Independent Inventors Need Apply

By Brenda Pomerance

At the IP Awareness Summit held by the Center for Intellectual Property Understanding on November 29, 2018 at the Columbia School of Journalism, Jay Walker gave a keynote presentation asserting that the Patent System was irreparably broken for individual inventors lacking “deep pockets.” He based his position on five problems, and called for an entirely redesigned Patent System.

In fact, two of these problems are features, not problems. The existing Patent System can be tweaked to provide individuals with a fairer playing field for the other three problems.

First, clarity: Walker says that patent claims are impossible for him to understand.

Lack of clarity, for laypersons, is due to the need for a claim to only distinguish from the prior art, not to explain how to make an invention and to distinguish that invention from the prior art.  Walker can eliminate his clarity problem by telling his patent attorney to write claims that are essentially a production specification for the invention, but the scope of these claims will be much narrower than is needed. Examiners will love these production specification claims and prosecution will be faster.

Also, the Patent System enables a claim to encompass something that the inventor did not specifically think of when the patent application was filed, if claims are suitably written and there was no discussion of this issue in the prosecution history, but an inventor can relinquish this flexibility via clearer claims that are limited to exactly what the inventor invented.

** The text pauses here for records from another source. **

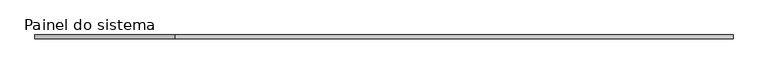
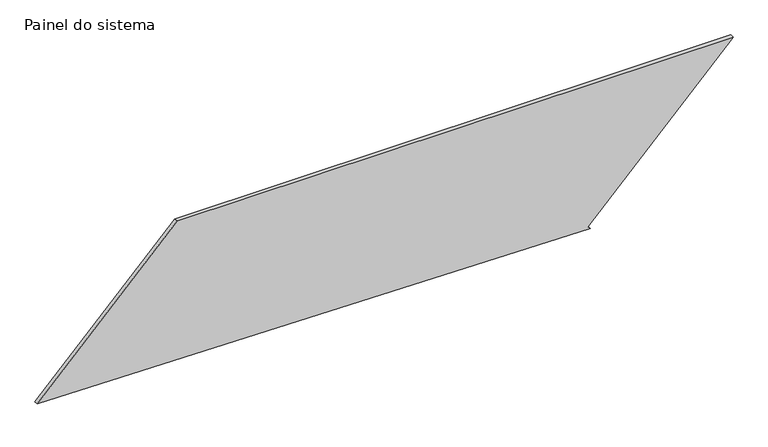
"""IFC4 building model written with IfcOpenShell, lengths in millimetres: plate geometry, Painel do sistema : Envidraçado."""

from ifc_helpers import new_model, si_unit, frame, origin, place, context, project, spatial, polyline, outline, extrude, source, transform, mapped, element, save


def painel_do_sistema_bace2d31(model_context):
    return source(origin(), model_context, "Body", "SweptSolid", [
        extrude(outline(polyline([(0.0, 1310.041954), (17.3932625, 1292.0843813), (975.1849867, 2219.7778498), (975.1849867, -1326.9555993), (53.3958487, -2219.7778498), (0.0, 1310.041954)])), frame((0.0, 24.5, 0.0), z_axis=(0.0, 1.0, 0.0), x_axis=(0.0, 0.0, 1.0)), (0.0, 0.0, 1.0), 25.0),
    ])


if __name__ == "__main__":
    model = new_model("IFC4")
    model_context = context("Model", 3, world=origin())
    ifc_project = project(units=[si_unit("LENGTHUNIT", "METRE", prefix="MILLI")], contexts=[model_context])
    site = spatial("IfcSite", under=ifc_project)
    building = spatial("IfcBuilding", under=site)
    placement = place(None, origin())
    painel_do_sistema_shape = painel_do_sistema_bace2d31(model_context)
    element("IfcPlate", 1, ObjectType="Painel do sistema : Envidraçado", at=placement, inside=building, context=model_context, shape_type="MappedRepresentation", body=[
        mapped(painel_do_sistema_shape, transform((0.0, 0.0, 0.0), x_axis=(1.0, 0.0, 0.0), y_axis=(0.0, 1.0, 0.0), z_axis=(0.0, 0.0, 1.0))),
    ])
    save(model, "model.ifc")

# Revit data of these elements
# Type "Painel do sistema : Envidraçado"
#   Construction Type Id = "GSP4R"
#   Analytic Construction = "Vidraça única Pilkington 1/8 pol"
#   Visual Light Transmittance = 0.9
#   Solar Heat Gain Coefficient = 0.86
#   Heat Transfer Coefficient (U) = 6.7069 W/(m²·K)
# Element 1 (IfcPlate, "Painel do sistema : Envidraçado")
#   Materials on its faces: "Vidro"
# Materials
#   "Vidro": class "Vidro", colour RGB 0 128 192, transparency 0.9, Description = "Vidro de sílica", Cost = 0
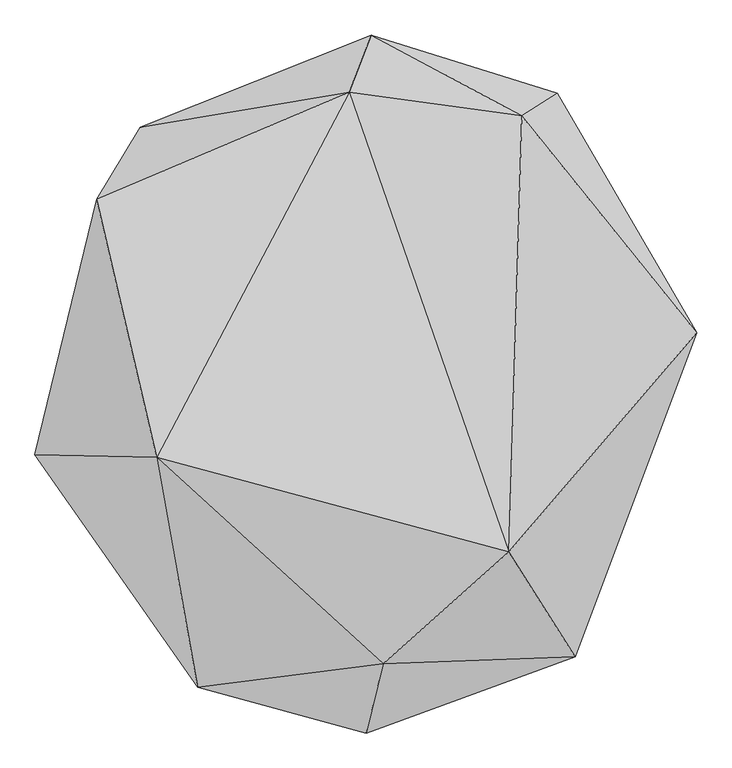
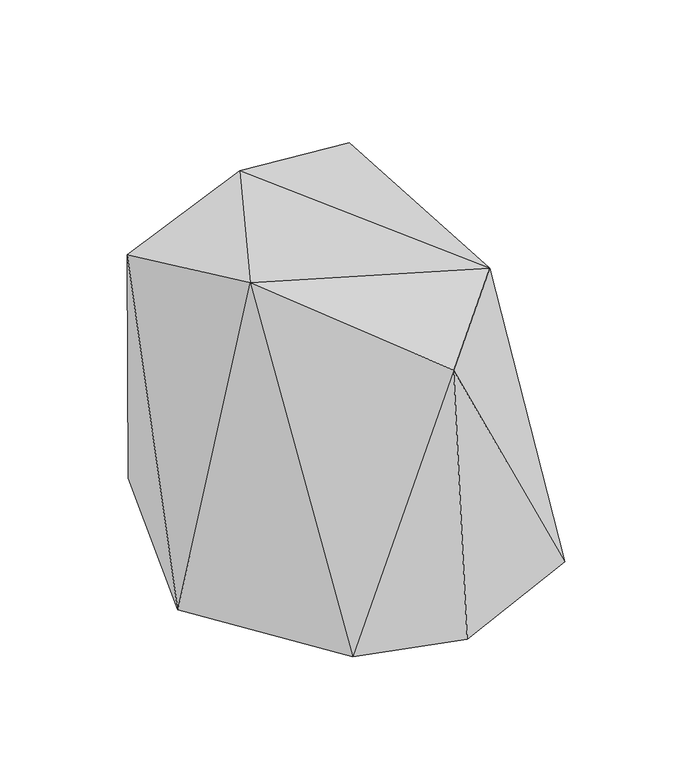
"""IFC4 building model written with IfcOpenShell, lengths in millimetres: geographic element geometry, Enscape AssetDefinition - Bush 124 Pampas Grass : Enscape AssetDefinition - Bush 124 Pampas Grass."""

import ifcopenshell
import ifcopenshell.guid

model = None  # the IFC model being written
_history = None  # IfcOwnerHistory: only IFC2X3 demands one
_inside = {}  # id of a spatial element -> (the spatial element, [elements in it])
_under = {}  # id of a project, library or spatial element -> (it, [spatial elements below it])
_declared = {}  # id of a project -> (the project, [libraries it declares])
_typed = {}  # id of a type object -> (the type object, [elements of that type])
_made_of = {}  # id of a material, layer set ... -> (it, [elements and type objects made of it])


def new_model(schema):
    """Start an empty IFC model of exactly this schema.

    Asked for "IFC4X3", IfcOpenShell would pick the latest addendum, in which some entities
    have other attributes; the version numbers below select the first issue.
    IFC2X3 requires an IfcOwnerHistory on every rooted entity: one is made here for all.
    """
    global model, _history
    if schema == "IFC4X3":
        model = ifcopenshell.file(schema_version=(4, 3, 0, 0))
    else:
        model = ifcopenshell.file(schema=schema)
    _inside.clear()
    _under.clear()
    _declared.clear()
    _typed.clear()
    _made_of.clear()
    _history = None
    if model.schema == "IFC2X3":
        org = make("IfcOrganization", Name="unknown")
        user = make(
            "IfcPersonAndOrganization",
            ThePerson=make("IfcPerson", FamilyName="unknown"),
            TheOrganization=org,
        )
        app = make(
            "IfcApplication",
            ApplicationDeveloper=org,
            Version="unknown",
            ApplicationFullName="unknown",
            ApplicationIdentifier="unknown",
        )
        _history = make(
            "IfcOwnerHistory",
            OwningUser=user,
            OwningApplication=app,
            ChangeAction="ADDED",
            CreationDate=0,
        )
    return model


def make(cls, **values):
    """One entity of the class cls with the attributes given. An attribute that is None is left unset."""
    return model.create_entity(
        cls, **{name: value for name, value in values.items() if value is not None}
    )


def rooted(cls, **values):
    """An entity with a GlobalId (a new one), such as an element, a storey or a relation."""
    return make(cls, GlobalId=ifcopenshell.guid.new(), OwnerHistory=_history, **values)


def si_unit(unit_type, name, prefix=None):
    """IfcSIUnit, for example si_unit("LENGTHUNIT", "METRE", prefix="MILLI")."""
    return make("IfcSIUnit", UnitType=unit_type, Prefix=prefix, Name=name)


def assignment(units):
    """IfcUnitAssignment: the units of a project."""
    return None if units is None else make("IfcUnitAssignment", Units=units)


def point(xyz):
    """IfcCartesianPoint."""
    return None if xyz is None else make("IfcCartesianPoint", Coordinates=xyz)


def direction(xyz):
    """IfcDirection."""
    return None if xyz is None else make("IfcDirection", DirectionRatios=xyz)


def frame(location, z_axis=None, x_axis=None):
    """IfcAxis2Placement3D, a coordinate frame: its origin and axes. An axis left out is left unset."""
    return make(
        "IfcAxis2Placement3D",
        Location=point(location),
        Axis=direction(z_axis),
        RefDirection=direction(x_axis),
    )


def origin():
    """The frame at (0, 0, 0) with its axes left unset."""
    return frame((0.0, 0.0, 0.0))


def place(relative_to, where):
    """IfcLocalPlacement: puts the frame where relative to a parent placement (None: the world)."""
    return make(
        "IfcLocalPlacement", PlacementRelTo=relative_to, RelativePlacement=where
    )


def context(
    kind, dimensions, precision=None, world=None, true_north=None, identifier=None
):
    """IfcGeometricRepresentationContext, for example the 3D "Model" context."""
    return make(
        "IfcGeometricRepresentationContext",
        ContextIdentifier=identifier,
        ContextType=kind,
        CoordinateSpaceDimension=dimensions,
        Precision=precision,
        WorldCoordinateSystem=world,
        TrueNorth=true_north,
    )


def project(units=None, contexts=None):
    """IfcProject with its units and contexts."""
    return rooted(
        "IfcProject",
        Name="project",
        RepresentationContexts=contexts,
        UnitsInContext=assignment(units),
    )


def spatial(cls, under=None, at=None, **own):
    """A site, building, storey or space (cls), placed at a placement, below another one or the project."""
    s = rooted(cls, ObjectPlacement=at, **own)
    if under is not None:
        _under.setdefault(under.id(), (under, []))[1].append(s)
    return s


def faces_of(points, faces, orient=None, outer=None):
    """IfcFace entities. A face is a list of loops; a loop is a list of indices into points, from 0.

    orient and outer hold one flag for each loop. By default every Orientation is true, the
    first loop of a face is its IfcFaceOuterBound and the others are IfcFaceBound.
    """
    made = []
    for i, loops in enumerate(faces):
        bounds = []
        for j, loop in enumerate(loops):
            is_outer = j == 0 if outer is None else outer[i][j]
            bounds.append(
                make(
                    "IfcFaceOuterBound" if is_outer else "IfcFaceBound",
                    Bound=make("IfcPolyLoop", Polygon=[points[k] for k in loop]),
                    Orientation=True if orient is None else orient[i][j],
                )
            )
        made.append(make("IfcFace", Bounds=bounds))
    return made


def faceted_brep(points, faces, orient=None, outer=None, voids=None):
    """IfcFacetedBrep: a solid bounded by flat faces; with voids (closed shells), ...WithVoids."""
    shared = [point(p) for p in points]
    hull = make("IfcClosedShell", CfsFaces=faces_of(shared, faces, orient, outer))
    if voids is None:
        return make("IfcFacetedBrep", Outer=hull)
    return make(
        "IfcFacetedBrepWithVoids",
        Outer=hull,
        Voids=[
            make(cls, CfsFaces=faces_of(shared, fs, o, b)) for cls, fs, o, b in voids
        ],
    )


def shape(context_of_items, identifier, shape_type, items):
    """IfcShapeRepresentation: the items that make up one representation, for example the "Body"."""
    return make(
        "IfcShapeRepresentation",
        ContextOfItems=context_of_items,
        RepresentationIdentifier=identifier,
        RepresentationType=shape_type,
        Items=items,
    )


def source(mapping_origin, context_of_items, identifier, shape_type, items):
    """IfcRepresentationMap: a shape defined once, which mapped items show again and again."""
    return make(
        "IfcRepresentationMap",
        MappingOrigin=mapping_origin,
        MappedRepresentation=shape(context_of_items, identifier, shape_type, items),
    )


def transform(
    local_origin,
    x_axis=None,
    y_axis=None,
    z_axis=None,
    scale=None,
    scale2=None,
    scale3=None,
    uniform=True,
):
    """IfcCartesianTransformationOperator3D, or its non-uniform kind. x_axis, y_axis, z_axis: its Axis1, 2, 3."""
    if uniform:
        return make(
            "IfcCartesianTransformationOperator3D",
            Axis1=direction(x_axis),
            Axis2=direction(y_axis),
            LocalOrigin=point(local_origin),
            Scale=scale,
            Axis3=direction(z_axis),
        )
    return make(
        "IfcCartesianTransformationOperator3DnonUniform",
        Axis1=direction(x_axis),
        Axis2=direction(y_axis),
        LocalOrigin=point(local_origin),
        Scale=scale,
        Axis3=direction(z_axis),
        Scale2=scale2,
        Scale3=scale3,
    )


def mapped(mapping_source, mapping_target):
    """IfcMappedItem: shows the shape of a source again, moved by a transform."""
    return make(
        "IfcMappedItem", MappingSource=mapping_source, MappingTarget=mapping_target
    )


def made_of(thing, what):
    """Note that an element or type object is made of a material, layer set ...; save() writes the relation."""
    if what is not None:
        _made_of.setdefault(what.id(), (what, []))[1].append(thing)
    return thing


def element(
    cls,
    number,
    at=None,
    inside=None,
    cuts=None,
    type_object=None,
    material=None,
    context=None,
    identifier="Body",
    shape_type=None,
    held_by="IfcProductDefinitionShape",
    body=None,
    shapes=None,
    **own,
):
    """One element of the class cls, such as IfcWall. Its Tag is "e" and its number.

    at: its placement. inside: the storey or other place that contains it. cuts: it is an
    opening in that element (IfcRelVoidsElement). A single representation is given by context,
    identifier, shape_type and body (its items); several are given by shapes. held_by: the class
    of the entity that holds the representations. save() writes the other relations.
    """
    e = rooted(cls, Tag="e%d" % number, ObjectPlacement=at, **own)
    if body is not None:
        shapes = [shape(context, identifier, shape_type, body)]
    if shapes is not None:
        e.Representation = make(held_by, Representations=shapes)
    if inside is not None:
        _inside.setdefault(inside.id(), (inside, []))[1].append(e)
    if cuts is not None:
        rooted(
            "IfcRelVoidsElement", RelatingBuildingElement=cuts, RelatedOpeningElement=e
        )
    if type_object is not None:
        _typed.setdefault(type_object.id(), (type_object, []))[1].append(e)
    return made_of(e, material)


def aggregate(whole, parts):
    """IfcRelAggregates: a whole, such as a stair, and the parts it consists of."""
    return rooted("IfcRelAggregates", RelatingObject=whole, RelatedObjects=parts)


def save(model, path):
    """Write the relations noted so far, then the file.

    IfcRelAggregates (storeys below a building ...), IfcRelContainedInSpatialStructure (elements
    in a storey), IfcRelDefinesByType, IfcRelAssociatesMaterial and IfcRelDeclares: one each for
    every whole, place, type object, material and project.
    """
    for whole, parts in _under.values():
        aggregate(whole, parts)
    for where, things in _inside.values():
        rooted(
            "IfcRelContainedInSpatialStructure",
            RelatedElements=things,
            RelatingStructure=where,
        )
    for kind, things in _typed.values():
        rooted("IfcRelDefinesByType", RelatedObjects=things, RelatingType=kind)
    for what, things in _made_of.values():
        rooted("IfcRelAssociatesMaterial", RelatedObjects=things, RelatingMaterial=what)
    for by, libraries in _declared.values():
        rooted("IfcRelDeclares", RelatingContext=by, RelatedDefinitions=libraries)
    model.write(path)


def geographic_element_9c8827ca(model_context):
    return source(origin(), model_context, "Body", "Brep", [
        faceted_brep([(-264.2639875, -536.5539789, 88.6489972), (-339.3009901, -117.5350025, 1082.6699734), (-560.995996, -112.7799973, 88.6489972), (11.8039995, 547.9059815, 923.6680269), (-448.6410022, 352.7109921, 928.7919998), (73.4319985, -493.712008, 881.5860152), (302.7119935, -289.655, 1010.3069544), (-369.4530129, 484.5449924, 88.6489972), (-107.4849963, -0.627, -7.4829999), (42.5710008, -619.6249723, 88.6449963), (423.4899879, -480.5459976, 124.5009974), (644.8199749, 109.6689999, 125.455007), (326.1559904, 504.7410131, 931.0209751), (52.0480014, 652.4310112, 88.6489972), (391.2200034, 546.1400151, 88.6489972)], [[[0, 1, 2]], [[3, 4, 1]], [[4, 2, 1]], [[0, 5, 1]], [[6, 3, 1]], [[5, 6, 1]], [[2, 7, 8]], [[2, 8, 0]], [[7, 2, 4]], [[0, 9, 5]], [[0, 8, 9]], [[10, 5, 9]], [[10, 6, 5]], [[11, 12, 6]], [[12, 3, 6]], [[10, 11, 6]], [[9, 8, 10]], [[10, 8, 11]], [[13, 14, 8]], [[8, 7, 13]], [[8, 14, 11]], [[13, 7, 3]], [[3, 7, 4]], [[14, 13, 12]], [[12, 13, 3]], [[11, 14, 12]]]),
    ])


if __name__ == "__main__":
    model = new_model("IFC4")
    model_context = context("Model", 3, world=origin())
    ifc_project = project(units=[si_unit("LENGTHUNIT", "METRE", prefix="MILLI")], contexts=[model_context])
    site = spatial("IfcSite", under=ifc_project)
    building = spatial("IfcBuilding", under=site)
    placement = place(None, origin())
    geographic_element_shape = geographic_element_9c8827ca(model_context)
    element("IfcGeographicElement", 1, ObjectType="Enscape AssetDefinition - Bush 124 Pampas Grass : Enscape AssetDefinition - Bush 124 Pampas Grass", at=placement, inside=building, context=model_context, shape_type="MappedRepresentation", body=[
        mapped(geographic_element_shape, transform((0.0, 0.0, 0.0), x_axis=(1.0, 0.0, 0.0), y_axis=(0.0, 1.0, 0.0), z_axis=(0.0, 0.0, 1.0))),
    ])
    save(model, "model.ifc")

# Revit data of these elements
# Type "Enscape AssetDefinition - Bush 124 Pampas Grass : Enscape AssetDefinition - Bush 124 Pampas Grass"
#   EnscapeAssetSource = "REMOTE"
#   EnscapeAssetId = "c051ca4c-e4a4-4b28-9467-8725a50cb4a2"
#   Height = 1.08267 m
#   EnscapeNativeAssetHeight = 1.08267 m
#   Default Elevation = 0

Second, reliability: Walker says that because so many patents are invalidated, a patent is not a reliable property.

Walker can hugely improve validity by telling his patent attorney to write claims that will survive most litigation challenges (a very high standard), rather than claims that an examiner will allow (a lower standard). But, the inventor will have to (a) do the comprehensive prior art search that litigation defendants do (costing up to $100,000 for the search), then (b) figure out why it would not be obvious-to-try to combine this prior art to arrive at the invention, and finally (c) explain non-obviousness in the disclosure, which requires a detailed in-context understanding of each piece of prior art and vastly more care expended on the background section of a patent application.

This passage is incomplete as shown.